Remember to utilize word breaks (\b) when working with regular expressions.

import re
strings_to_search = ['abc', 'def', 'fgh hello']
complete_list = ['abc abc dsss abc', 'defgj', 'abc fgh hello xabd', 'fgh helloijj']

for col_key in strings_to_search:
    word = r'\b{}\b'.format(col_key)
    print(list(map(lambda x: re.findall(word, x), complete_list)))

Here is the resulting output:

[['abc', 'abc', 'abc'], [], ['abc'], []]
[[], [], [], []]
[[], [], ['fgh hello'], []]

Similar questions

If you have not found the answer to your question or you are interested in this topic, then look at other similar questions below or use the search

Struggling to make a basic loop function correctly

def getMSTestPath(testPathList): dllFilePath = r'C:\Users\bgbesase\Documents\Brent\Code\Visual Studio' msTestFilePath = [] dllConvert = [] full_dllPath = [] for r, d, f in os.walk(testPathList): ...

Rapid array manipulations for optimizing game graphic displays

I have been coding for quite some time, however, my experience with graphics, GUIs, and event collection is limited. Recently, I decided to try my hand at creating a simple game based on the mechanics of Conway's Game of Life. For this project, I aim ...

The response from a Python requests.get() call is coming back as empty

Currently, I am in the process of developing a script that interacts with the Jenkins plugin API to retrieve a list of plugin dependencies. To achieve this, I have utilized the Python requests module. However, I am encountering an issue where the response ...

Selenium is having difficulty fetching the content within the table's body section

I attempted to retrieve the contents of the body in a table with the ID "mytable" by entering a value in the registration number field, but unfortunately, I was unsuccessful. I also tried using headers like user agents and beautifulsoup network tab form d ...

Geopy Error: Unable to Import

Having issues with the Geopy package. Successfully installed it using pip with python 2.7.3. Geopy is located in the following directory: /usr/local/lib/python2.7/dist-packages Tried running a file by importing only geopy.geocoders, as per Geopy&apos ...

Generating a numpy data type using a Cython structure

Displayed here is a segment of Cython code that is currently utilized in scikit-learn binary trees: # Some compound datatypes used below: cdef struct NodeHeapData_t: DTYPE_t val ITYPE_t i1 ITYPE_t i2 # build the corresponding nump ...

The C++ Cython mapping operations are yielding {b'a': 2} instead of {a: 2}

How come the code above is printing {b'a': 2} instead of {'a': 2}? What can I do to resolve this issue: File1: parameters.pyx # parameters.pyx from libcpp.map cimport map from libcpp.string cimport string cdef class Parameters: c ...

Leveraging Scapy for filtering HTTP packets

I'm currently working on creating a filter to specifically target packets with HTTP data, but I'm at a loss for how to go about it.
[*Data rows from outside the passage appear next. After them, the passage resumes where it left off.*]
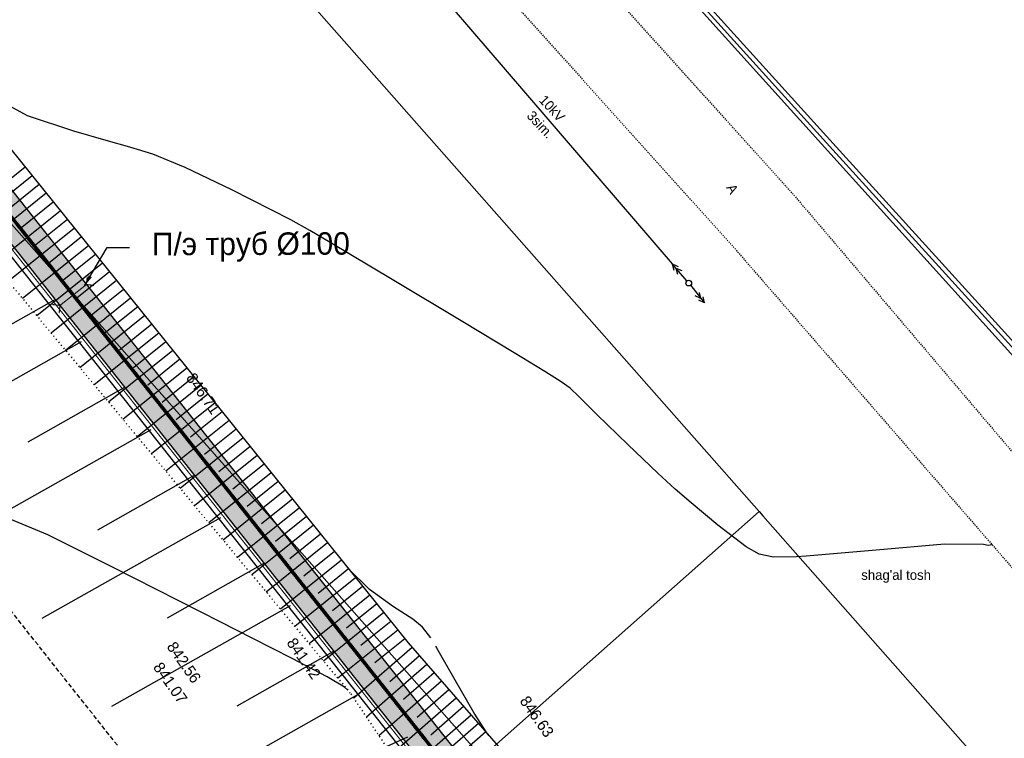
# Model space of a CAD drawing. Header units: millimetres. Extents: x 405709 to 406552, y 4254722 to 4255885.
# Tile 37 of 48: x 406001 to 406089, y 4255448 to 4255512. Entities that reach past the tile are written whole.
import ezdxf
from ezdxf import colors
from ezdxf.entities.mleader import LeaderData, LeaderLine
from ezdxf.math import Vec2, Vec3

# ---------------------------------------------------------------- set-up
doc = ezdxf.new("R2010")
doc.units = ezdxf.units.MM
doc.header["$LTSCALE"] = 0.5
for name, pattern in [('ACAD_ISO09W100', [45, 24, -3, 6, -3, 6, -3]), ('CONTI', [0]), ('Д_ТРОТ_ТРУБА', [3, 1.5, -1.5]), ('ДОРОГИ_СТРОЯЩ', [9, 8, -1]), ('Контура низ откосов  Штриховая 0.1-0.5 - - - - - - -', [0.6, 0.1, -0.5]), ('Штриховая 1 к 2', [3, 2, -1])]:
    doc.linetypes.add(name, pattern=pattern)
for name, color, linetype in [('(007) Здания', 7, 'Continuous'), ('(013) Газопровод', 30, 'ИК_Газопровод -------г--------'), ('(022) Возд. Линии', 7, 'Continuous'), ('(025) Дорога', 7, 'Continuous'), ('(028) Гидротехн.', 7, 'Continuous'), ('(031) Горизонтали', 42, 'Continuous'), ('(037) Контуры', 7, 'Continuous'), ('(040) Ограда', 7, 'Continuous'), ('PI_OTDEFAULT', 172, 'CONTI')]:
    doc.layers.add(name, color=color, linetype=linetype)
doc.styles.add('BM-431', font='txt')
doc.styles.add('IndorSoft_Drafting_type_A_00CC', font='IndorSoftDraftingTypeA.ttf', dxfattribs={"height": 0.2})
doc.styles.get("Standard").update_dxf_attribs({"font": 'arial.ttf'})
doc.linetypes.add('GAZ_VOZDUSH', pattern='A,1,-2,["~",Standard,S=3,R=0,X=-1.5,Y=-1.5],-1,10', length=14)
doc.linetypes.add('ИК_Газопровод -------г--------', pattern='A,9,-0.6,["Г",Standard,S=1.2,R=0,X=0,Y=-0.6],-1.2', length=10.8)
doc.linetypes.add('ОГРАДА_ДЕР', pattern='A,2.5,["|",Standard,S=0.8,R=0,X=0,Y=-0.8],2.5', length=5)
doc.linetypes.add('ограждение2', pattern='A,6.35,-2.54,[132,ltypeshp.shx,S=2.54,R=0,X=-2.54,Y=0],-2.54,25.4', length=36.83)

# ---------------------------------------------------------------- blocks, each defined once
blk = doc.blocks.new('*U24')
at = {"layer": '(028) Гидротехн.', "color": 5, "ltscale": 10}
for points in [[(1.848, -0.175), (4.679, 17.888)], [(6.258, -0.6), (7.779, 9.103)]]:
    blk.add_lwpolyline(points, dxfattribs=at)
blk = doc.blocks.new('*U25')
at = {"color": 0, "linetype": 'ByBlock', "lineweight": -2, "transparency": 16777216}
for p, rotation in [((406007.489, 4255481.733), 128.3704869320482), ((406013.696, 4255473.893), 128.3704869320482), ((406019.903, 4255466.053), 128.3704869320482), ((406026.111, 4255458.213), 128.3704869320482), ((406032.318, 4255450.373), 128.3704869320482), ((406038.476, 4255442.497), 123.2902412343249)]:
    blk.add_blockref('*U24', p, dxfattribs=dict(at, rotation=rotation))
blk = doc.blocks.new('strela1')
at = {"layer": '(022) Возд. Линии'}
for p, q in [((-2, 0), (-1.5, 0.25)), ((0, 0), (-2, 0)), ((-2, 0), (-1.5, -0.25)), ((-1.5, 0), (-1, 0.25)), ((-1.5, 0), (-1, -0.25))]:
    blk.add_line(p, q, dxfattribs=at)
blk = doc.blocks.new('strela2')
at = {"layer": '(022) Возд. Линии'}
for p, q in [((0, 0), (2, 0)), ((1.5, 0), (1, 0.25)), ((1.5, 0), (1, -0.25)), ((2, 0), (1.5, 0.25)), ((2, 0), (1.5, -0.25))]:
    blk.add_line(p, q, dxfattribs=at)
blk = doc.blocks.new('STOLB')
at = {"layer": '(022) Возд. Линии'}
blk.add_circle((0, 0), 0.25, dxfattribs=at)
blk = doc.blocks.new('вааоолшаеолеашл')
at = {"color": 5, "const_width": 0.1}
for points in [[(405817.731, 4255730.33), (405817.24, 4255729.839), (405816.75, 4255730.33)], [(405817.24, 4255729.839), (405817.24, 4255726.839)], [(405817.731, 4255726.348), (405817.24, 4255726.839), (405816.75, 4255726.348)]]:
    blk.add_lwpolyline(points, dxfattribs=at)
blk = doc.blocks.new('2')
at = {"color": 41, "true_color": 0xffd966, "const_width": 0.1}
blk.add_lwpolyline([(29473.69, 3307.14), (29473.69, 3310.14), (29470.69, 3310.14), (29470.69, 3307.14)], close=True, dxfattribs=at)
for points in [[(29473.42, 3309.84), (29470.97, 3309.84, 1), (29470.97, 3309.59), (29473.42, 3309.59, 1)], [(29473.42, 3309.3), (29470.97, 3309.3, 1), (29470.97, 3309.05), (29473.42, 3309.05, 1)], [(29473.42, 3308.76), (29470.97, 3308.76, 1), (29470.97, 3308.51), (29473.42, 3308.51, 1)], [(29473.42, 3308.22), (29470.97, 3308.22, 1), (29470.97, 3307.97), (29473.42, 3307.97, 1)], [(29473.42, 3307.68), (29470.97, 3307.68, 1), (29470.97, 3307.43), (29473.42, 3307.43, 1)]]:
    blk.add_lwpolyline(points, format="xyb", close=True, dxfattribs=at)
blk = doc.blocks.new('*U154')
at = {"xscale": 0.1049999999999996, "yscale": 0.1049999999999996, "zscale": 0.1049999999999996, "rotation": 179.9999999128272}
blk.add_blockref('2', (3094.738, 347.407), dxfattribs=at)
blk = doc.blocks.new('*U155')
at = {"color": 0, "linetype": 'ByBlock', "lineweight": -2, "transparency": 16777216, "rotation": 308.3704869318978}
for p in [(406000.792, 4255493.736), (406000.99, 4255493.485), (406001.189, 4255493.234), (406001.388, 4255492.983), (406001.586, 4255492.732), (406001.785, 4255492.481), (406001.984, 4255492.23), (406002.182, 4255491.979), (406002.381, 4255491.729), (406002.58, 4255491.478), (406002.778, 4255491.227), (406002.977, 4255490.976), (406003.175, 4255490.725), (406003.374, 4255490.474), (406003.573, 4255490.223), (406003.771, 4255489.972), (406003.97, 4255489.721), (406004.169, 4255489.471), (406004.367, 4255489.22), (406004.566, 4255488.969), (406004.765, 4255488.718), (406004.963, 4255488.467), (406005.162, 4255488.216), (406005.361, 4255487.965), (406005.559, 4255487.714), (406005.758, 4255487.464), (406005.956, 4255487.213), (406006.155, 4255486.962), (406006.354, 4255486.711), (406006.552, 4255486.46), (406006.751, 4255486.209), (406006.95, 4255485.958), (406007.148, 4255485.707), (406007.347, 4255485.456), (406007.546, 4255485.206), (406007.744, 4255484.955), (406007.943, 4255484.704), (406008.141, 4255484.453), (406008.34, 4255484.202), (406008.539, 4255483.951), (406008.737, 4255483.7), (406008.936, 4255483.449), (406009.135, 4255483.198), (406009.333, 4255482.948), (406009.532, 4255482.697), (406009.731, 4255482.446), (406009.929, 4255482.195), (406010.128, 4255481.944), (406010.326, 4255481.693), (406010.525, 4255481.442), (406010.724, 4255481.191), (406010.922, 4255480.941), (406011.121, 4255480.69), (406011.32, 4255480.439), (406011.518, 4255480.188), (406011.717, 4255479.937), (406011.916, 4255479.686), (406012.114, 4255479.435), (406012.313, 4255479.184), (406012.511, 4255478.933), (406012.71, 4255478.683), (406012.909, 4255478.432), (406013.107, 4255478.181), (406013.306, 4255477.93), (406013.505, 4255477.679), (406013.703, 4255477.428), (406013.902, 4255477.177), (406014.101, 4255476.926), (406014.299, 4255476.675), (406014.498, 4255476.425), (406014.696, 4255476.174), (406014.895, 4255475.923), (406015.094, 4255475.672), (406015.292, 4255475.421), (406015.491, 4255475.17), (406015.69, 4255474.919), (406015.888, 4255474.668), (406016.087, 4255474.418), (406016.286, 4255474.167), (406016.484, 4255473.916), (406016.683, 4255473.665), (406016.882, 4255473.414), (406017.08, 4255473.163), (406017.279, 4255472.912), (406017.477, 4255472.661), (406017.676, 4255472.41), (406017.875, 4255472.16), (406018.073, 4255471.909), (406018.272, 4255471.658), (406018.471, 4255471.407), (406018.669, 4255471.156), (406018.868, 4255470.905), (406019.067, 4255470.654), (406019.265, 4255470.403), (406019.464, 4255470.153), (406019.662, 4255469.902), (406019.861, 4255469.651), (406020.06, 4255469.4), (406020.258, 4255469.149), (406020.457, 4255468.898), (406020.656, 4255468.647), (406020.854, 4255468.396), (406021.053, 4255468.145), (406021.252, 4255467.895), (406021.45, 4255467.644), (406021.649, 4255467.393), (406021.847, 4255467.142), (406022.046, 4255466.891), (406022.245, 4255466.64), (406022.443, 4255466.389), (406022.642, 4255466.138), (406022.841, 4255465.887), (406023.039, 4255465.637), (406023.238, 4255465.386), (406023.437, 4255465.135), (406023.635, 4255464.884), (406023.834, 4255464.633), (406024.032, 4255464.382), (406024.231, 4255464.131), (406024.43, 4255463.88), (406024.628, 4255463.63), (406024.827, 4255463.379), (406025.026, 4255463.128), (406025.224, 4255462.877), (406025.423, 4255462.626), (406025.622, 4255462.375), (406025.82, 4255462.124), (406026.019, 4255461.873), (406026.218, 4255461.622), (406026.416, 4255461.372), (406026.615, 4255461.121), (406026.813, 4255460.87), (406027.012, 4255460.619), (406027.211, 4255460.368), (406027.409, 4255460.117), (406027.608, 4255459.866), (406027.807, 4255459.615), (406028.005, 4255459.364), (406028.204, 4255459.114), (406028.403, 4255458.863), (406028.601, 4255458.612), (406028.8, 4255458.361), (406028.998, 4255458.11), (406029.197, 4255457.859), (406029.396, 4255457.608), (406029.594, 4255457.357), (406029.793, 4255457.107), (406029.992, 4255456.856), (406030.19, 4255456.605), (406030.389, 4255456.354), (406030.588, 4255456.103), (406030.786, 4255455.852), (406030.985, 4255455.601), (406031.183, 4255455.35), (406031.382, 4255455.099), (406031.581, 4255454.849), (406031.779, 4255454.598), (406031.978, 4255454.347), (406032.177, 4255454.096), (406032.375, 4255453.845), (406032.574, 4255453.594), (406032.773, 4255453.343), (406032.971, 4255453.092), (406033.17, 4255452.841), (406033.368, 4255452.591), (406033.567, 4255452.34), (406033.766, 4255452.089), (406033.964, 4255451.838), (406034.163, 4255451.587), (406034.362, 4255451.336), (406034.56, 4255451.085), (406034.759, 4255450.834), (406034.958, 4255450.584), (406035.156, 4255450.333), (406035.355, 4255450.082), (406035.553, 4255449.831), (406035.752, 4255449.58), (406035.951, 4255449.329), (406036.149, 4255449.078), (406036.348, 4255448.827), (406036.547, 4255448.576), (406036.745, 4255448.326), (406036.944, 4255448.075)]:
    blk.add_blockref('*U154', p, dxfattribs=at)

msp = doc.modelspace()

# ---------------------------------------------------------------- hatches: boundary and pattern name
at = {"transparency": 33554687}
h = msp.add_hatch(dxfattribs=at)
h.set_pattern_fill('AR-HBONE', color=30, scale=0.005)
edge = h.paths.add_edge_path()
edge.add_line((406386.605, 4254899.202), (406388.733, 4254901.316))
edge.add_line((406182.571, 4255117.635), (406215.733, 4255080.214))
edge.add_line((406215.733, 4255080.214), (406248.837, 4255042.859))
edge.add_line((406248.837, 4255042.859), (406283.046, 4255007.734))
edge.add_line((406283.046, 4255007.734), (406318.267, 4254972.27))
edge.add_line((406318.267, 4254972.27), (406353.5, 4254936.793))
edge.add_line((406353.5, 4254936.793), (406388.733, 4254901.316))
edge.add_line((406388.733, 4254901.316), (406387.77, 4254900.359))
edge.add_line((406180.326, 4255115.645), (406213.488, 4255078.225))
edge.add_line((406213.488, 4255078.225), (406246.638, 4255040.816))
edge.add_line((406246.638, 4255040.816), (406280.907, 4255005.631))
edge.add_line((406280.907, 4255005.631), (406316.138, 4254970.156))
edge.add_line((406316.138, 4254970.156), (406351.372, 4254934.679))
edge.add_line((406351.372, 4254934.679), (406386.605, 4254899.202))
edge.add_line((406386.605, 4254899.202), (406386.921, 4254899.516))
edge.add_line((406182.571, 4255117.635), (406157.361, 4255152.307))
edge.add_line((406157.361, 4255152.307), (406147.036, 4255171.925))
edge.add_line((406147.036, 4255171.925), (406133.069, 4255198.46))
edge.add_line((406133.069, 4255198.46), (406131.101, 4255203.63))
edge.add_line((406131.101, 4255203.63), (406113.309, 4255250.394))
edge.add_line((406113.309, 4255250.394), (406102.625, 4255278.476))
edge.add_line((406102.625, 4255278.476), (406096.599, 4255297.625))
edge.add_line((406096.599, 4255297.625), (406081.876, 4255347.096))
edge.add_line((406081.876, 4255347.096), (406078.091, 4255359.836))
edge.add_line((406078.091, 4255359.836), (406072.139, 4255402.38))
edge.add_line((406072.139, 4255402.38), (406041.044, 4255445.313))
edge.add_line((406041.044, 4255445.313), (405903.099, 4255619.54))
edge.add_line((405903.099, 4255619.54), (405828.481, 4255714.884))
edge.add_line((405828.481, 4255714.884), (405791.314, 4255762.15))
edge.add_line((405788.956, 4255760.296), (405791.314, 4255762.15))
edge.add_line((405826.12, 4255713.033), (405788.956, 4255760.296))
edge.add_line((405900.742, 4255617.684), (405826.12, 4255713.033))
edge.add_line((406038.652, 4255443.501), (405900.742, 4255617.684))
edge.add_line((406069.271, 4255401.225), (406038.652, 4255443.501))
edge.add_line((406075.152, 4255359.198), (406069.271, 4255401.225))
edge.add_line((406079, 4255346.24), (406075.152, 4255359.198))
edge.add_line((406093.73, 4255296.746), (406079, 4255346.24))
edge.add_line((406099.789, 4255277.491), (406093.73, 4255296.746))
edge.add_line((406110.505, 4255249.327), (406099.789, 4255277.491))
edge.add_line((406128.297, 4255202.562), (406110.505, 4255249.327))
edge.add_line((406130.33, 4255197.223), (406128.297, 4255202.562))
edge.add_line((406144.381, 4255170.527), (406130.33, 4255197.223))
edge.add_line((406154.815, 4255150.702), (406144.381, 4255170.527))
edge.add_line((406180.326, 4255115.645), (406154.815, 4255150.702))

# ---------------------------------------------------------------- linework, layer by layer
at = {"layer": '(007) Здания', "color": 5, "linetype": 'Штриховая 1 к 2', "ltscale": 0.4}
msp.add_lwpolyline([(406165.116, 4255102.166), (406164.567, 4255102.785), (406137.838, 4255139.517), (406126.823, 4255160.444), (406112.289, 4255188.06), (406109.886, 4255194.369), (406092.093, 4255241.139), (406081.197, 4255269.775), (406074.946, 4255289.639), (406060.178, 4255339.262), (406056.118, 4255352.932), (406047.835, 4255392.551), (406022.366, 4255431.339), (405884.89, 4255604.974), (405810.25, 4255700.345), (405773.098, 4255747.593)], dxfattribs=at)
at = {"layer": '(007) Здания'}
msp.add_lwpolyline([(405853.167, 4255681.369), (405869.407, 4255662.639), (405879.357, 4255658.449), (405888.397, 4255646.519), (405889.197, 4255641.519), (405886.237, 4255637.599), (405894.277, 4255629.069), (405916.767, 4255600.979), (405939.557, 4255571.709), (405961.487, 4255548.579), (406035.597, 4255456.459), (406051.477, 4255438.249), (406072.087, 4255426.409), (406073.307, 4255403.779), (406104.827, 4255339.749)], dxfattribs=at)
at = {"layer": '(007) Здания', "color": 1, "linetype": 'Continuous', "elevation": 611.801}
for points in [[(405963.028, 4255537.381), (405963.035, 4255537.366), (405972.412, 4255525.364), (406042.185, 4255446.282), (406066.88, 4255468.168), (405997.811, 4255546.46), (405988.458, 4255558.438), (405988.381, 4255558.54)], [(406042.185, 4255446.274), (406066.88, 4255468.168), (406067.221, 4255467.781), (406095.724, 4255435.468), (406098.735, 4255430.636), (406101.289, 4255425.551), (406103.361, 4255420.26), (406104.945, 4255414.796), (406106.017, 4255409.22), (406073.573, 4255402.957), (406073.37, 4255404.39), (406072.559, 4255408.228), (406071.229, 4255411.923), (406069.419, 4255415.414), (406042.24, 4255446.219)]]:
    msp.add_lwpolyline(points, close=True, dxfattribs=at)
at = {"layer": '(013) Газопровод', "linetype": 'GAZ_VOZDUSH', "ltscale": 0.1, "flags": 128}
msp.add_lwpolyline([(405795.032, 4255855.358), (405794.965, 4255851.089), (405820.825, 4255796.919), (405845.737, 4255767.599), (405853.407, 4255759.449), (405874.177, 4255735.379), (405882.957, 4255723.389), (405901.149, 4255702.244), (405920.913, 4255680.446), (405929.377, 4255670.519), (405950.6, 4255645.324), (405988.506, 4255596.321), (406006.917, 4255570.939), (406043.149, 4255533.409), (406106.987, 4255462.669), (406127.107, 4255440.509), (406140.447, 4255362.659), (406150.767, 4255332.259), (406131.037, 4255325.589), (406156.057, 4255257.255), (406178.567, 4255199.289), (406192.407, 4255173.249), (406214.317, 4255146.799), (406218.807, 4255141.039), (406251.337, 4255103.819), (406291.847, 4255054.699), (406335.567, 4255005.629), (406337.087, 4255003.969), (406368.267, 4254969.819), (406407.117, 4254927.019), (406445.967, 4254886.799), (406445.967, 4254886.799), (406470.207, 4254860.189), (406472.017, 4254861.829), (406531.407, 4254800.609), (406536.733, 4254795.119)], dxfattribs=at)
at = {"layer": '(022) Возд. Линии', "elevation": 609.371}
msp.add_lwpolyline([(406036.249, 4255516.881), (406059.139, 4255490.224)], dxfattribs=at)
at = {"layer": '(025) Дорога', "linetype": 'Д_ТРОТ_ТРУБА', "ltscale": 0.1, "flags": 128}
for points in [[(405782.714, 4255860.237), (405783.467, 4255854.009), (405787.357, 4255836.299), (405796.387, 4255813.919), (405808.627, 4255795.739), (405843.717, 4255753.069), (405862.857, 4255731.199), (405891.097, 4255699.229), (405914.157, 4255672.749), (405943.537, 4255638.219), (405980.327, 4255590.229), (406010.067, 4255552.289), (406064.577, 4255491.749), (406108.757, 4255440.899), (406113.177, 4255434.059), (406118.117, 4255421.019), (406120.847, 4255408.439), (406126.977, 4255365.989), (406137.207, 4255327.489), (406160.857, 4255259.219), (406178.707, 4255213.809), (406200.097, 4255174.459), (406222.737, 4255145.749), (406254.787, 4255104.899), (406294.707, 4255057.739), (406338.637, 4255007.089), (406369.807, 4254978.529), (406414.237, 4254934.909), (406453.887, 4254898.609), (406488.527, 4254862.469), (406540.017, 4254812.339), (406547.477, 4254805.076)], [(405792.411, 4255859.925), (405792.617, 4255857.579), (405794.347, 4255837.839), (405802.997, 4255818.099), (405814.957, 4255799.589), (405842.787, 4255764.929), (405849.207, 4255758.389), (405869.347, 4255735.769), (405896.647, 4255703.709), (405919.567, 4255678.089), (405948.627, 4255643.749), (405986.027, 4255594.959), (406015.497, 4255556.649), (406069.887, 4255496.469), (406113.847, 4255444.769), (406118.737, 4255436.369), (406128.097, 4255410.099), (406133.827, 4255367.759), (406143.437, 4255331.109), (406167.007, 4255262.319), (406185.657, 4255218.649), (406206.367, 4255178.479), (406227.337, 4255150.259), (406260.627, 4255109.139), (406299.967, 4255062.749), (406343.977, 4255012.439), (406373.417, 4254985.149), (406419.047, 4254940.389), (406457.257, 4254905.719), (406493.927, 4254868.269), (406544.007, 4254818.779), (406552.146, 4254810.736)]]:
    msp.add_lwpolyline(points, dxfattribs=at)
at = {"layer": '(028) Гидротехн.', "color": 5, "ltscale": 10}
msp.add_lwpolyline([(406179.802, 4255115.181), (406179.78, 4255115.206), (406154.22, 4255150.331), (406143.761, 4255170.201), (406129.691, 4255196.935), (406127.643, 4255202.313), (406109.851, 4255249.078), (406099.128, 4255277.262), (406093.061, 4255296.541), (406078.329, 4255346.041), (406074.466, 4255359.049), (406065.682, 4255401.064), (406038.094, 4255443.079), (405900.192, 4255617.251), (405825.569, 4255712.601), (405788.406, 4255759.863)], dxfattribs=at)
at = {"layer": '(031) Горизонтали'}
for points in [[(406026.847, 4255493.199, 609), (406025.163, 4255494.155, 609), (406019.907, 4255496.829, 609), (406015.747, 4255498.819, 609), (406012.847, 4255500.009, 609), (406010.797, 4255500.639, 609), (406008.697, 4255501.239, 609), (406005.817, 4255502.069, 609), (406001.697, 4255503.429, 609), (405996.987, 4255505.979, 609), (405992.567, 4255509.969, 609), (405992.343, 4255510.225, 609)], [(406068.157, 4255464.089, 609), (406066.877, 4255464.359, 609), (406065.727, 4255465.019, 609), (406063.207, 4255466.959, 609), (406060.817, 4255468.949, 609), (406059.397, 4255470.149, 609), (406057.857, 4255471.569, 609), (406055.167, 4255474.129, 609), (406052.417, 4255476.799, 609), (406050.837, 4255478.379, 609), (406050.037, 4255479.149, 609), (406049.237, 4255479.729, 609), (406047.777, 4255480.639, 609), (406045.037, 4255482.319, 609), (406040.477, 4255485.079, 609), (406034.167, 4255488.849, 609), (406028.647, 4255492.129, 609), (406026.847, 4255493.199, 609)], [(406030.193, 4255452.276, 603.5), (406029.927, 4255452.499, 603.5), (406028.397, 4255453.419, 603.5), (406025.257, 4255455.069, 603.5), (406021.757, 4255456.849, 603.5), (406018.917, 4255458.299, 603.5), (406015.167, 4255460.209, 603.5), (406009.217, 4255463.239, 603.5), (406003.507, 4255466.099, 603.5), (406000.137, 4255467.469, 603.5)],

For instance, does anyone know if there is a method in Scapy that allows you to filter only HTTP packets? ...

The Pyinstaller exe-generated tkinter GUI is not functioning properly

I recently used Pyinstaller to convert my Python script into a stand-alone executable program. However, I encountered an issue where the exe version of the program did not work as expected, even though it ran perfectly fine in spyder during testing. Progr ...

Looking to identify the correct element using inspect element while working with Python and Selenium?

When trying to access the menu and select an option using find_element_by_css_selector, find_element_by_name or driver.find_elements_by_id("#####").click(), it's not working. I believe this is because there are multiple options to choose fro ...

Retrieve individual items one at a time from QListWidget

My setup includes a QListWidget and a QPushButton. The QListWidget currently contains the following items: apple pear banana peach bear I want each click on the QPushButton to return the name of the individual item in the list, cycling through them sequ ...

What is the best method for generating a comprehensive list of xpaths for a website utilizing Python?

Method I Attempting to generate a hierarchical tree of all the xpaths within a website () using Python, I initially aimed to acquire the xpath for the branch: /html/body with the following code: from selenium import webdriver url = 'https://startpag ...

Selenium and Python conflict

After writing the code snippet below: from selenium import webdriver from selenium.webdriver.common.keys import Keys bot = webdriver.Firefox() bot.find_element_by_name("username").send_keys(config['username']) I encountered an issue where if I ...

Login to Django-allauth using the Facebook canvas app

Recently, I have been attempting to establish a connection for users on my Facebook canvas application. I decided to incorporate the Django-allauth Facebook login feature on my website. However, while working on the Facebook canvas app, I am struggling to ...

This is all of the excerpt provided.